Zinc. Bracteate. Diameter 42.8mm. THE SALVATION ARMY · SOCIAL WING · above and below 4D, F S (food and shelter) at sides. The reverse bears the stamp of the metal manufacturers, ZINC VIEILLE MONTAGNE * LIEGE * *** 14 A. Late 19th century. Very slight flan clip, VF
The stamp visible on the reverse would be on the rolled sheet metal supplied to the makers of the tokens, so only some of the tokens will display this. It confirms the dating of the tokens to the 1880-90s.
Vielle Montagne Mine = Altenberg Mine, Kelmis, Liege, Belgium. The zinc ore occurs as the so-called “Galmei” or “Calamine” (an intergrowth of Smithsonite, Hemimorphite, and Willemite). Only traces of sulfides occurred along the walls of the open pit. Between 1837 and 1884 some 1,414,328 tonnes of calamine was produced.
The open cut mine Altenberg (Kelmisberg) mountain was located north of the road leading from Aachen to Liège. The mine was abandoned in 1884. Today the open cut is refilled. The mine was located in "Neutral-Moresnet", in Kelmis, (La Calamine), which was an independent state for a little over a century until, in 1920, there came an end to its independence and it became a part of Belgium.
The Salvation Army Social Wing—value in centre F - S (Food and Shelter) at sides. Values seen: 1/2d, Id, 2d, 3d, 4d and 6d. These tokens were manufactured at the Salvation Army Spa Road Centre, London, and distributed to all the (then) Men's Social Work Centres in the British Isles.
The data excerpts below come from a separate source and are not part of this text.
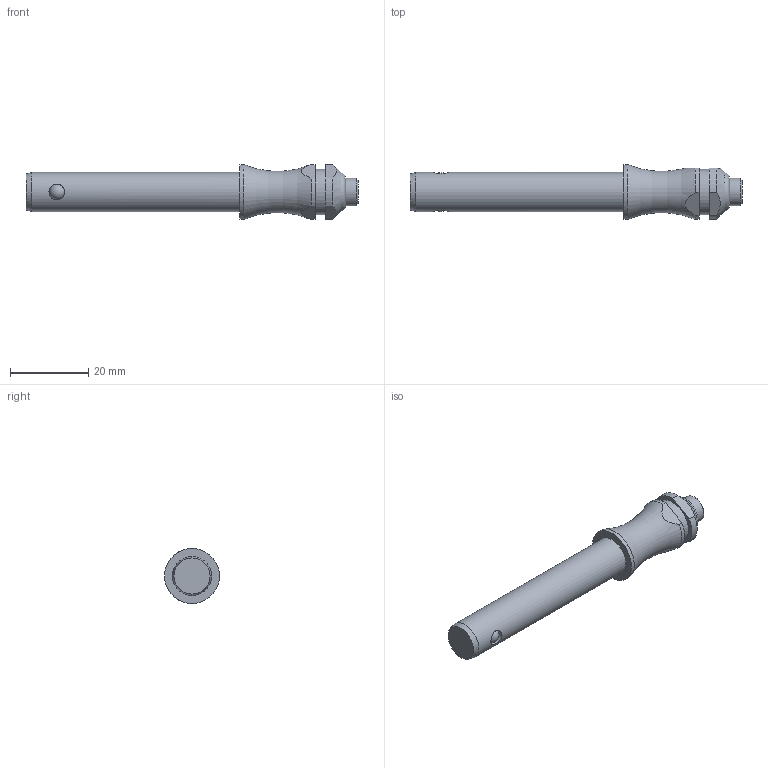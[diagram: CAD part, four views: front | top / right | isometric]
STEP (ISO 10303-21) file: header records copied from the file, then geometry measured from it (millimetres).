
FILE_DESCRIPTION( ( 'STEP AP203' ), '1' );
FILE_NAME( 'C:/Temp/Ganter_Step_05_03_2020/data/3_1/gn113_3/Stainless Steel-Ball lock pin GN 113.3-10-45 (activated).stp', '2020-03-12T08:18:34', ( 'License CC BY-ND 4.0' ), ( 'CADENAS' ), ' ', 'PARTsolutions', ' ' );
FILE_SCHEMA( ( 'CONFIG_CONTROL_DESIGN' ) );
Length unit declared in the file: millimetre
Products named in the file (1): _Stainless Steel-Ball lock pin GN 113.3-10-45 (activated)
Bounding box: 84.75 x 14 x 14 mm (x, y, z)
Volume: 7366.2 mm3; surface area: 3166.3 mm2
Topology: 1 solids, 1 shells, 30 faces, 72 edges, 45 vertices
Faces by surface type: cylinder 12, plane 11, cone 3, torus 2, sphere 2
Full cylindrical faces by diameter (mm): 4 x2, 7 x1, 10 x1, 11.6 x1, 14 x1
Entity records: 988 total; most frequent: CARTESIAN_POINT 341, DIRECTION 130, ORIENTED_EDGE 102, AXIS2_PLACEMENT_3D 56, EDGE_CURVE 51, EDGE_LOOP 46, VERTEX_POINT 39, FACE_OUTER_BOUND 38

They date from the early 1890s.
The Salvation Army Social Work - with the value in the centre. Values recorded are 1/2d, 2d and 5d. The Social Wing had become known as the Men's Social Work by c. 1895.
The Salvation Army Social Centre - value in centre F - S (Food and Shelter) at sides. Values seen - 2d and 6d.
In Salvation Army Tokens, Lieut-Colonel Paul Seiler, (Retd) (USA) describes another type: The Salvation Army Elevator with the denomination in the centre. Records indicate values of 1-1/2d, 2d and 3d. However, freehand illustrations indicate two types, both with Salvation Army reduced to initials: S.A. Social Wing Elevator (2d), and S.A. Social Work Elevator (3d).
Jeffrey Gardiner, who spent 30 years studying the tokens of Northumberland and Durham believes that the Social Wing tokens were in use up to c. 1960. This is entirely possible, considering that they appear to turn up much more frequently than any of the others. Bearing in mind that, as already stated, Social Wings became known as the Men's Social Work by about 1895, this would explain the second issue (The Salvation Army Social Work) for general distribution. However, it does not by any means follow that all Salvation Army centres changed the tokens with the change of name.
The stamp that we record on the 4d clearly shows that the first issue of tokens was made in the last quarter of the 19th century.
The Elevator token is inscribed NEAL. Probably for Neal & Son of East Finchley, who were operational 1866-1948.